The scheme, run in collaboration with Jobcentre Sønderborg, will offer the six-month-long placements to help refugees arriving in Denmark the opportunity to become “active citizens in society”, said factory director Ole Carlsen.
“We want to help to take social responsibility and give a group of people to support themselves,” he said.
Since last December, the factory has taken on 86 disadvantaged interns who were either benefits claimants or immigrants and it has proved a huge success, said Carlsen. “Of the 86 who have gone through the courses, we now have the permanent 41, and they are good, knowledgeable staff.”
He said the company would continue to take on interns from these backgrounds as well as the new intake of refugees.
Kirsten Pauly, business consultant at Jobcentre Sønderborg and coordinator of the project said the scheme fulfilled the Jobcentre’s two core tasks: to get the unemployed employed, and to find companies the right staff.

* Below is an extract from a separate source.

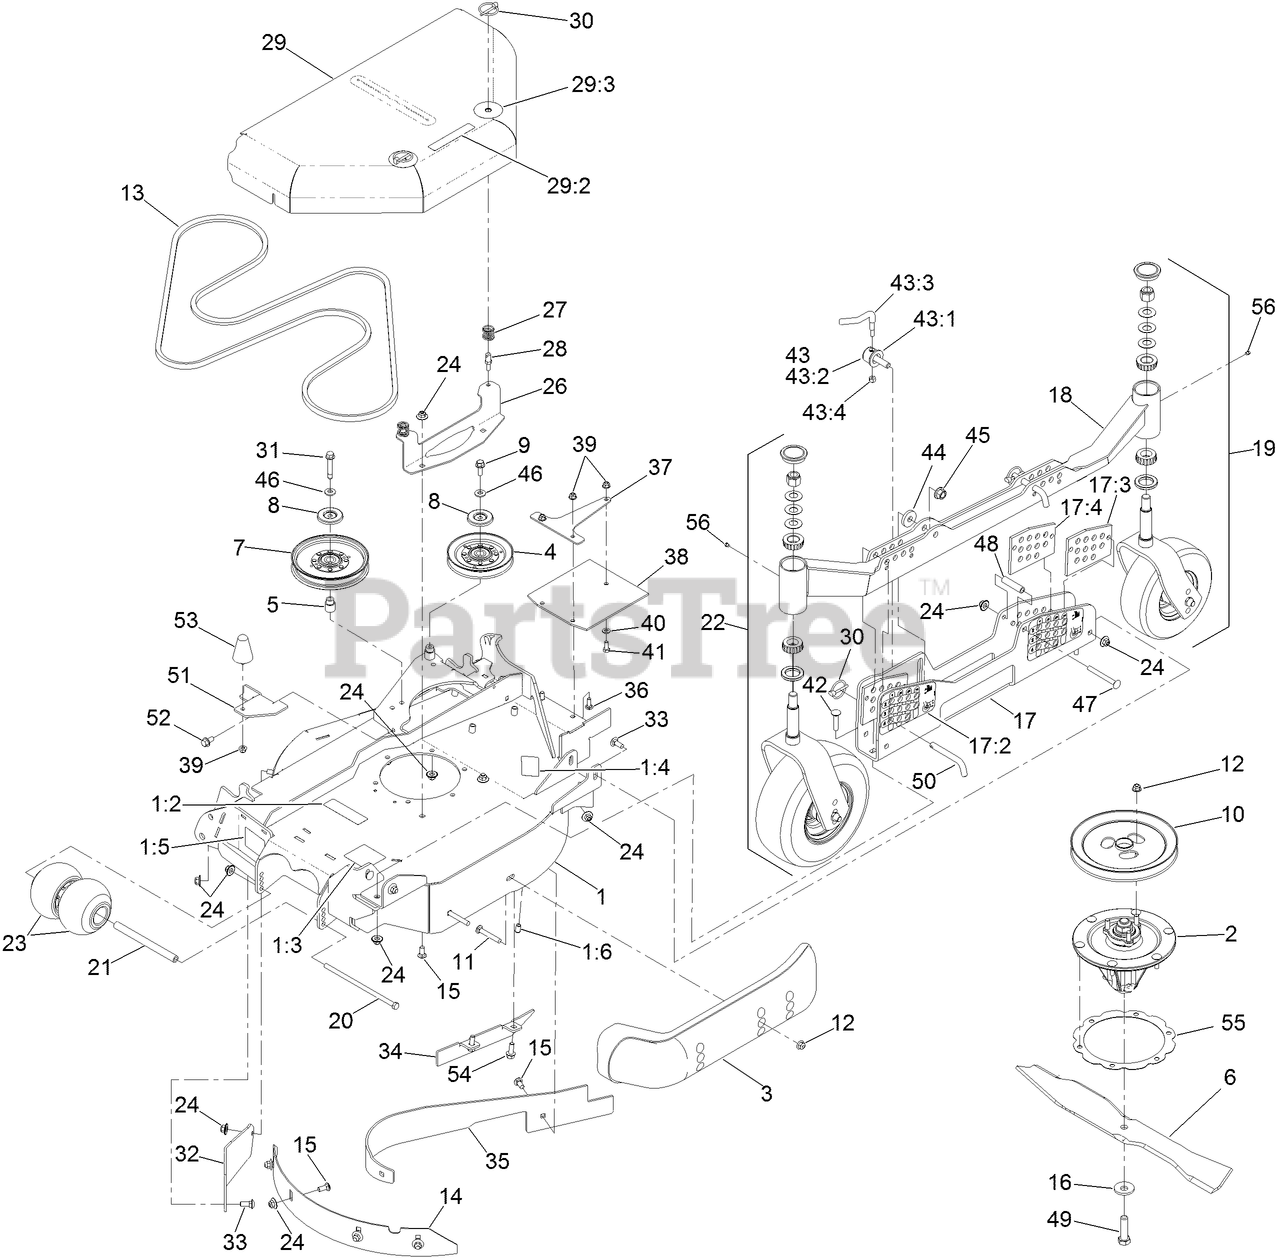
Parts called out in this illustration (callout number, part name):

She said the interns started work at 7am and did the same tasks as regular staff, but were also given Danish lessons alongside those on hygiene, safety and knife skills.
The first intake of refugees will start work on 26 October. “The goal is that we hire them if they are good enough,” said Carlsen.
Denmark has so far taken in around 11,000 Syrians fleeing war and poverty. After Germany and Sweden, which have respectively taken in nearly 100,000 each, Denmark is one of the biggest re-settlers of refugees and asylum seekers in Europe. So far, nearly half a million people have arrived in Europe as refugees and migrants by sea in 2015, according to UNHCR, the United Nation’s Refugee Agency.